The remaining SMGs of each mouse were excised and immediately frozen at − 80 °C for reverse transcription quantitative polymerase chain reaction (RT-qPCR). The tissues were homogenized using a BioMasher II (Nippi Inc., Tokyo, Japan), and total mRNA was extracted using Sepasol RNA I Super G reagent (Nacalai Tesque, Japan), following the manufacturer’s protocol. Briefly, the samples were homogenized in 1 ml of Sepasol RNA I Super G and incubated at RT for 5 min. Thereafter, 200 μl of chloroform (Fujifilm Wako Pure Chemical Corp., Osaka, Japan) was added to the tubes, which were subsequently shaken and centrifuged at 12,000×g for 15 min at 4 °C. Next, the upper aqueous phase was transferred to new tubes and combined with 500 μl of 2-propranolol (Fujifilm Wako Pure Chemical Corp., Osaka, Japan).
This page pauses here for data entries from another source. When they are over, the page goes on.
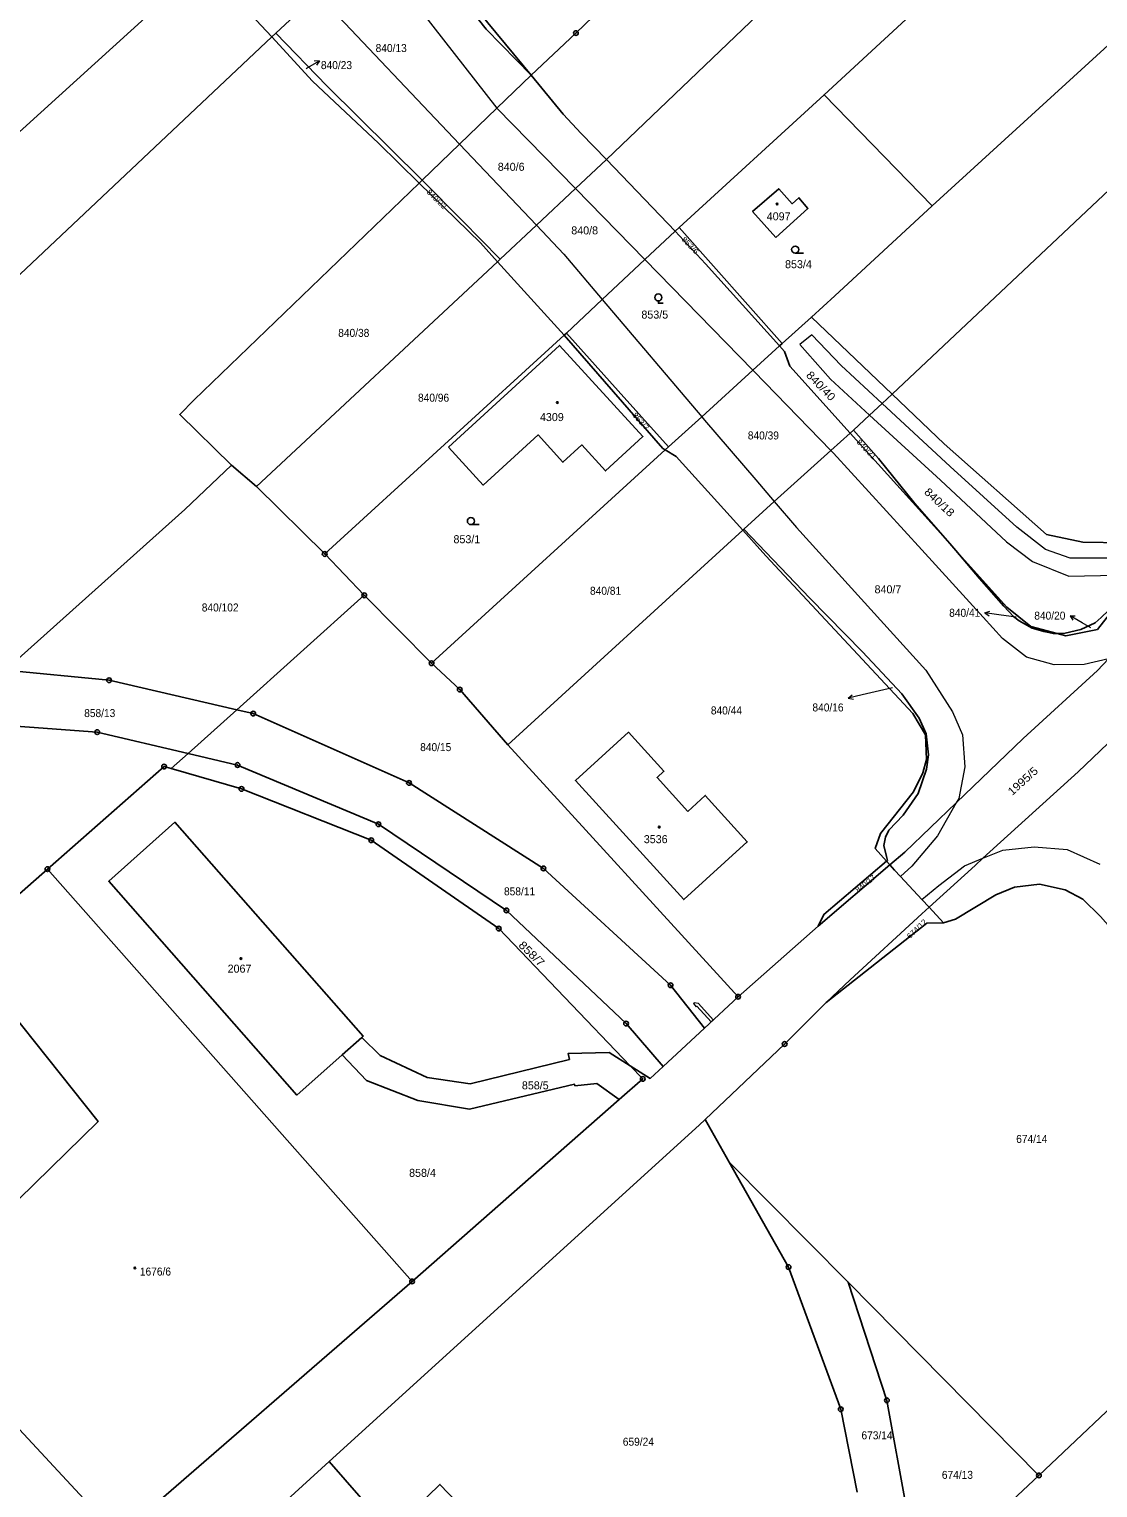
# Model space of a CAD drawing. Extents: x -679733 to -673243, y -1075091 to -1066557.
# Drawn here: x -675857.9 to -675631, y -1070799.2 to -1070489.4 of the extents above; entities that cross this region are included whole.
import ezdxf
from ezdxf.enums import TextEntityAlignment as Align

# ---------------------------------------------------------------- set-up
doc = ezdxf.new("R2010")
doc.units = 0
doc.header["$LTSCALE"] = 0.68
for name, color, linetype, lineweight in [('1', 7, 'Continuous', 25), ('13', 7, 'Continuous', 13), ('3', 7, 'Continuous', 25), ('4', 7, 'Continuous', 13), ('5', 7, 'Continuous', 25), ('7', 7, 'Continuous', 13), ('8', 7, 'Continuous', 25)]:
    doc.layers.add(name, color=color, linetype=linetype, lineweight=lineweight)
doc.layers.add('2', color=7, linetype='Continuous')

msp = doc.modelspace()

# ---------------------------------------------------------------- linework, layer by layer
at = {"layer": '1'}
for p, q in [((-675805.54, -1070490.25), (-675806.4, -1070491.07)), ((-675719.89, -1070531.5), (-675689.12, -1070503.34)), ((-675774.48, -1070521.48), (-675775.07, -1070522.1)), ((-675719.89, -1070531.5), (-675698.01, -1070556.17)), ((-675809.59, -1070586.54), (-675758.43, -1070538.81)), ((-675698.01, -1070556.17), (-675691.78, -1070550.55)), ((-675698.01, -1070556.17), (-675698.54, -1070556.64)), ((-675683.58, -1070575.2), (-675682.86, -1070574.55)), ((-675722.11, -1070578.12), (-675722.83, -1070578.78)), ((-675706.16, -1070595.62), (-675706.38, -1070595.82)), ((-675824.16, -1070643.24), (-675813.83, -1070633.97)), ((-675827.75, -1070646.46), (-675824.16, -1070643.24)), ((-675872.8, -1070684.31), (-675854.03, -1070667.82)), ((-675776.59, -1070755.39), (-675854.03, -1070667.82)), ((-675666.82, -1070675.92), (-675663.73, -1070679.25)), ((-675791.43, -1070707.26), (-675787.29, -1070703.58)), ((-675709.25, -1070730.03), (-675684.02, -1070755.57)), ((-675684.02, -1070755.57), (-675643.49, -1070796.6)), ((-675643.49, -1070796.6), (-675670.19, -1070821.44))]:
    msp.add_line(p, q, dxfattribs=at)
for points in [[(-675572.6, -1070327.23), (-675651.26, -1070402.73), (-675701.61, -1070451.32), (-675719.54, -1070468.73), (-675741.79, -1070490.24), (-675751.27, -1070499.19)], [(-675553.11, -1070345.15), (-675628.04, -1070415.79), (-675703.15, -1070486.36), (-675735.32, -1070517.06), (-675720.74, -1070532.28), (-675719.89, -1070531.5)], [(-675535.53, -1070361.43), (-675612.26, -1070432.34), (-675689.12, -1070503.34), (-675666.17, -1070526.91)], [(-675511.94, -1070386.09), (-675589.07, -1070456.49), (-675666.17, -1070526.91)], [(-675499.88, -1070402.21), (-675587.38, -1070484.74), (-675674.65, -1070566.93)], [(-675751.27, -1070499.19), (-675760.48, -1070488.09), (-675764.33, -1070483.35), (-675769.01, -1070475.21), (-675771.56, -1070470.15), (-675772.61, -1070467.51), (-675774.7, -1070461.39), (-675778.41, -1070464.86)], [(-675778.41, -1070464.86), (-675784.94, -1070470.97), (-675796.67, -1070481.95), (-675805.54, -1070490.25)], [(-675751.27, -1070499.19), (-675760.86, -1070489.43), (-675771.75, -1070475.63), (-675778.41, -1070464.86)], [(-675821.02, -1070475.85), (-675886.04, -1070534.84), (-675956.12, -1070601.22), (-675989.55, -1070632.94), (-676045.3, -1070682.82)], [(-675806.4, -1070491.07), (-675810.86, -1070486.27), (-675821.02, -1070475.85)], [(-675805.54, -1070490.25), (-675794.67, -1070501.41), (-675774.48, -1070521.48)], [(-675806.4, -1070491.07), (-675871.04, -1070551.97), (-675936.76, -1070615.54), (-675968.36, -1070647.54)], [(-675806.4, -1070491.07), (-675797.71, -1070500.43), (-675783.72, -1070513.65), (-675775.07, -1070522.1)], [(-675751.27, -1070499.19), (-675758.61, -1070506.18), (-675766.52, -1070513.8), (-675774.48, -1070521.48)], [(-675735.32, -1070517.06), (-675740.7, -1070511.56), (-675744.52, -1070507.46), (-675751.27, -1070499.19)], [(-675757.87, -1070538.29), (-675750.19, -1070531.06), (-675741.92, -1070523.27), (-675735.32, -1070517.06)], [(-675774.48, -1070521.48), (-675765.92, -1070530.07), (-675757.87, -1070538.29)], [(-675814.94, -1070582.03), (-675825.91, -1070571.22), (-675822.85, -1070568.16), (-675775.07, -1070522.1)], [(-675775.07, -1070522.1), (-675762.04, -1070534.81), (-675758.43, -1070538.81), (-675757.87, -1070538.29)], [(-675666.17, -1070526.91), (-675686.8, -1070546.07), (-675691.78, -1070550.55), (-675674.65, -1070566.93)], [(-675743.83, -1070554.01), (-675736.2, -1070546.83), (-675727.19, -1070538.35), (-675720.74, -1070532.28)], [(-675698.54, -1070556.64), (-675714.29, -1070539.26), (-675720.74, -1070532.28)], [(-675758.43, -1070538.81), (-675744.3, -1070554.43), (-675743.83, -1070554.01)], [(-675722.83, -1070578.78), (-675723.36, -1070578.46), (-675744.3, -1070554.43), (-675795.15, -1070600.88)], [(-675743.83, -1070554.01), (-675732.82, -1070566.2), (-675722.11, -1070578.12)], [(-675722.11, -1070578.12), (-675715.1, -1070571.73), (-675704.24, -1070561.84), (-675698.54, -1070556.64)], [(-675683.58, -1070575.2), (-675696.4, -1070560.98), (-675697.5, -1070557.85), (-675698.54, -1070556.64)], [(-675674.65, -1070566.93), (-675676.76, -1070568.89), (-675679.44, -1070571.38), (-675682.86, -1070574.55)], [(-675674.65, -1070566.93), (-675663.61, -1070577.48), (-675641.86, -1070596.72), (-675634.14, -1070598.34), (-675625.47, -1070598.48), (-675618.54, -1070600.87), (-675611.34, -1070603.96), (-675610.01, -1070603.21)], [(-675683.58, -1070575.2), (-675687.67, -1070578.9), (-675699.68, -1070589.76), (-675706.16, -1070595.62)], [(-675639.59, -1070617.76), (-675640.43, -1070617.77), (-675642.47, -1070617.35), (-675644.91, -1070616.65), (-675647.65, -1070615.1), (-675648.91, -1070614.19), (-675650.97, -1070611.97), (-675656.08, -1070606.09), (-675661.14, -1070600.17), (-675662.43, -1070598.68), (-675683.58, -1070575.2)], [(-675682.86, -1070574.55), (-675677.57, -1070580.6), (-675669.81, -1070590.13), (-675662.43, -1070598.68)], [(-675786.74, -1070609.66), (-675772.46, -1070624.09), (-675722.83, -1070578.78)], [(-675722.83, -1070578.78), (-675720.5, -1070580.16), (-675706.38, -1070595.82)], [(-675862.95, -1070625.56), (-675824.81, -1070591.45), (-675814.94, -1070582.03)], [(-675862.95, -1070625.56), (-675840.92, -1070627.7), (-675813.83, -1070633.97), (-675786.74, -1070609.66), (-675795.15, -1070600.88), (-675809.59, -1070586.54), (-675814.94, -1070582.03)], [(-675706.38, -1070595.82), (-675756.25, -1070641.38), (-675707.37, -1070694.92)], [(-675706.38, -1070595.82), (-675701.47, -1070601.26), (-675670.27, -1070634.77), (-675667.58, -1070639.31), (-675667.36, -1070644.52), (-675668.11, -1070647.35), (-675670.1, -1070651.4), (-675677.15, -1070660.24), (-675678.23, -1070663.4), (-675675.83, -1070666.14)], [(-675706.16, -1070595.62), (-675692.14, -1070610.29), (-675680.95, -1070621.66), (-675672.59, -1070630.61), (-675668.92, -1070635.77), (-675667.44, -1070639.07), (-675666.96, -1070643.54), (-675667.33, -1070646.58), (-675669.16, -1070651.74), (-675672.33, -1070656.38), (-675675.36, -1070659.55), (-675676.1, -1070661.02), (-675676.41, -1070662.8), (-675675.88, -1070665.11), (-675675.63, -1070665.97), (-675675.83, -1070666.14), (-675675.15, -1070666.91)], [(-675661.14, -1070600.17), (-675650.27, -1070612.17), (-675645.2, -1070616.3), (-675639.59, -1070617.76)], [(-675639.59, -1070617.76), (-675637.93, -1070617.71), (-675634.58, -1070616.91), (-675631.52, -1070615.52), (-675630.26, -1070614.4), (-675628.73, -1070612.9), (-675627.45, -1070612.32)], [(-675627.45, -1070612.32), (-675631.07, -1070616.9), (-675637.76, -1070618.23), (-675639.59, -1070617.76)], [(-675675.15, -1070666.91), (-675671.98, -1070664.21), (-675661.03, -1070653.72), (-675646.81, -1070640.09), (-675631.08, -1070625.63), (-675628.71, -1070623.14), (-675621.54, -1070615.74)], [(-675756.25, -1070641.38), (-675766.47, -1070629.69), (-675772.46, -1070624.09)], [(-675666.82, -1070675.92), (-675657.03, -1070667.02), (-675655.38, -1070665.52), (-675635.16, -1070647.15), (-675625.73, -1070638.16), (-675618.38, -1070630.48), (-675615.5, -1070627.47), (-675612.27, -1070623.99)], [(-675813.83, -1070633.97), (-675810.31, -1070634.78), (-675777.24, -1070649.51), (-675748.69, -1070667.66), (-675721.7, -1070692.47), (-675714.53, -1070701.58)], [(-675824.16, -1070643.24), (-675843.44, -1070638.72), (-675872.25, -1070636.63), (-675875.73, -1070636.87)], [(-675723.29, -1070709.72), (-675731.16, -1070700.61), (-675756.56, -1070676.6), (-675783.74, -1070658.29), (-675813.64, -1070645.7), (-675824.16, -1070643.24)], [(-675854.03, -1070667.82), (-675829.25, -1070646.03), (-675827.75, -1070646.46)], [(-675730.28, -1070709.57), (-675758.19, -1070680.45), (-675785.25, -1070661.69), (-675812.81, -1070650.78), (-675827.75, -1070646.46)], [(-675787.29, -1070703.58), (-675786.95, -1070703.28), (-675826.96, -1070657.87), (-675841, -1070670.38), (-675801.05, -1070715.82), (-675791.43, -1070707.26)], [(-675675.15, -1070666.91), (-675690.37, -1070679.9), (-675707.37, -1070694.92), (-675714.53, -1070701.58), (-675723.29, -1070709.72)], [(-675675.83, -1070666.14), (-675689.17, -1070677.45), (-675690.37, -1070679.9)], [(-675666.82, -1070675.92), (-675668.32, -1070674.29), (-675672.88, -1070669.4), (-675674.15, -1070668.05), (-675675.15, -1070666.91)], [(-675579.75, -1070735.91), (-675587.6, -1070726.38), (-675630.44, -1070677.88), (-675634.18, -1070674.18), (-675637.95, -1070672.18), (-675643.34, -1070671.03), (-675648.66, -1070671.62), (-675652.65, -1070673.26), (-675661.23, -1070678.47), (-675663.73, -1070679.25)], [(-675688.66, -1070696.12), (-675683.54, -1070691.3), (-675668.33, -1070677.29), (-675666.82, -1070675.92)], [(-675663.73, -1070679.25), (-675667.29, -1070679.27), (-675688.66, -1070696.12)], [(-675838.92, -1070809.49), (-675883.88, -1070761.16), (-675843.26, -1070721.4), (-675872.8, -1070684.31), (-675990.72, -1070787.98), (-676048.97, -1070839.26), (-676023.8, -1070862.89)], [(-675714.36, -1070720.98), (-675697.48, -1070704.96), (-675688.66, -1070696.12)], [(-675787.29, -1070703.58), (-675783.38, -1070707.4), (-675773.39, -1070712.04), (-675764.23, -1070713.39), (-675743.17, -1070708.23), (-675743.43, -1070706.96), (-675734.73, -1070706.78), (-675730.28, -1070709.57)], [(-675732.62, -1070716.76), (-675737.35, -1070713.32), (-675742.01, -1070713.83), (-675742.08, -1070713.52), (-675764.39, -1070718.77), (-675775.36, -1070716.96), (-675786.24, -1070712.72), (-675791.43, -1070707.26)], [(-675730.28, -1070709.57), (-675727.61, -1070712.36), (-675732.62, -1070716.76), (-675776.59, -1070755.39), (-675838.92, -1070809.49)], [(-675723.29, -1070709.72), (-675726.02, -1070712.26), (-675730.28, -1070709.57)], [(-675714.36, -1070720.98), (-675715.65, -1070722.2), (-675794.22, -1070793.65)], [(-675682.11, -1070800.18), (-675685.58, -1070782.53), (-675696.66, -1070752.34), (-675709.25, -1070730.03), (-675714.36, -1070720.98)], [(-675643.49, -1070796.6), (-675599.21, -1070754.72), (-675579.75, -1070735.91)], [(-675670.19, -1070821.44), (-675671.61, -1070803.61), (-675675.78, -1070780.64), (-675684.02, -1070755.57)], [(-675740.72, -1070840.41), (-675734.97, -1070835.45), (-675740.83, -1070829.54), (-675770.69, -1070798.49), (-675781.1, -1070808.62), (-675794.22, -1070793.65), (-675805.55, -1070803.96)]]:
    msp.add_lwpolyline(points, dxfattribs=at)
for points in [[(-675699.37, -1070533.63), (-675704.29, -1070528.17), (-675698.73, -1070523.3), (-675695.88, -1070526.5), (-675694.44, -1070525.22), (-675692.55, -1070527.48)], [(-675768.85, -1070578.18), (-675745.29, -1070556.59), (-675727.56, -1070575.95), (-675735.51, -1070583.22), (-675740.55, -1070577.72), (-675744.57, -1070581.38), (-675749.85, -1070575.6), (-675761.47, -1070586.24)], [(-675718.03, -1070655.57), (-675714.35, -1070652.17), (-675705.43, -1070662.02), (-675718.91, -1070674.29), (-675741.9, -1070648.98), (-675730.66, -1070638.74), (-675723.1, -1070647.03), (-675724.58, -1070648.34)]]:
    msp.add_lwpolyline(points, close=True, dxfattribs=at)
at = {"layer": '13'}
msp.add_lwpolyline([(-675716.86, -1070696.33), (-675716.29, -1070697.08), (-675716.11, -1070696.93), (-675713.09, -1070700.24), (-675712.65, -1070699.83), (-675715.79, -1070696.35), (-675716.68, -1070696.18)], close=True, dxfattribs=at)
at = {"layer": '3'}
for p, q in [((-675695.243, -1070536.98), (-675693.493, -1070536.98)), ((-675764.103, -1070594.65), (-675762.353, -1070594.65))]:
    msp.add_line(p, q, dxfattribs=at)
msp.add_lwpolyline([(-675724.3, -1070547.142), (-675724.3, -1070547.64), (-675723.299, -1070547.64)], dxfattribs=at)
for centre in [(-675695.2429, -1070536.2298), (-675724.2993, -1070546.3909), (-675764.1029, -1070593.8998)]:
    msp.add_circle(centre, 0.75, dxfattribs=at)
at = {"layer": '4'}
for p, q in [((-675796.67, -1070481.95), (-675766.52, -1070513.8)), ((-675774.42, -1070485.85), (-675758.61, -1070506.18)), ((-675758.61, -1070506.18), (-675741.92, -1070523.27)), ((-675766.52, -1070513.8), (-675750.19, -1070531.06)), ((-675741.92, -1070523.27), (-675727.19, -1070538.35)), ((-675750.19, -1070531.06), (-675744.38, -1070537.19)), ((-675744.38, -1070537.19), (-675736.2, -1070546.83)), ((-675704.24, -1070561.84), (-675727.19, -1070538.35)), ((-675736.2, -1070546.83), (-675715.1, -1070571.73)), ((-675691.72, -1070554.33), (-675694.25, -1070556.38)), ((-675685.45, -1070560.81), (-675691.72, -1070554.33)), ((-675694.25, -1070556.38), (-675687.77, -1070563.75)), ((-675703.95, -1070562.14), (-675704.24, -1070561.84)), ((-675676.76, -1070568.89), (-675685.45, -1070560.81)), ((-675687.67, -1070578.9), (-675703.95, -1070562.14)), ((-675687.77, -1070563.75), (-675679.44, -1070571.38)), ((-675662.36, -1070582.27), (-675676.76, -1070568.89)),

After resting at RT for 10 min and centrifuging at 12,000×g for 10 min at 4 °C, the supernatant was removed. To clear the RNA pellets, 1 ml of 75% ethanol (Fujifilm Wako Pure Chemical Corp., Osaka, Japan) was added to the tubes and centrifuged at 12,000×g for 5 min at 4 °C. Finally, the RNA concentration at 260 nm was determined using a spectrophotometer (Beckman DU® 640; GMI, Minnesota, USA). Complementary DNA (cDNA) was synthetized from 1 μg of total RNA with reverse transcription random primers using ReverTra Ace™ qPCR RT Master Mix (TOYOBO, Osaka, Japan), following the manufacturer’s instructions. RT-qPCR was performed using an Applied Biosystems 7500 Real-Time PCR System (Thermo Fisher Scientific Inc., Waltham, MA, USA) with TB Green® Premix Ex Taq™ II (Tli RNase H Plus) kits (TaKaRa Bio, Otsu, Japan). The PCR mixture per reaction included 25 ng of cDNA template, TB Green® Premix Ex Taq™ II (2×), PCR forward and reverse primers (10 μm each), ROX reference dye II (50×), and sterile purified water (RNase-free water, non DEPC; BioDynamics, Tokyo, Japan). All data were normalized to GAPDH mRNA. Amplified oligonucleotide primers specific for mouse GAPDH, P2X7R, and P2X4R were purchased from Thermo Fisher Scientific Inc. (Waltham, MA, USA). The primer sequences used in this study are listed in Table 1.

Table 1 Primer sequences used in RT-qPCR process.
Full size table

Each amplification cycle consisted of an initial denaturation stage at 95 °C for 30 s, followed by 40 cycles of heating at 95 °C for 5 s, annealing at 60 °C for 34 s, 95 °C for 15 s, 60 °C for 60 s, and 95 °C for 15 s. Each assay was repeated three times. Relative mRNA expression levels were calculated using the comparative Ct method (2−ΔΔCt) with GAPDH serving as an internal control. To validate these results, melting curves were obtained, which displayed a single normal peak. The mRNA expression levels were reported as n-fold change relative to the mRNA expression in the control groups.

Statistical analysis

Statistical analyses were performed using GraphPad Prism version 9 (GraphPad Software Inc., La Jolla, CA, USA). The data were presented as the means ± standard error of the mean (SEM). Normal distribution of the data was assessed using the Shapiro–Wilk test. To compare mice body weight, diet consumption, calorie intake, fat intake and AUC data between CON11w/DM11w and CON13w/DM13w, an unpaired two-tailed Student’s t-test was performed. To compare the total ductal area, total acinar area, and fold change of P2X4R and P2X7R expression among the CON11w, DM11w, CON13w, and DM13w groups, one-way analysis of variance (ANOVA), followed by Holm–Šídák’s multiple comparison test, was used. To compare the acinar area, mean islet areas and integral optical density of P2X4R and P2X7R expression data among the CON11w, DM11w, CON13w, and DM13w groups, the Kruskal–Wallis test, followed by Dunn’s multiple comparison test, was applied. Statistical significance was defined as p < 0.05.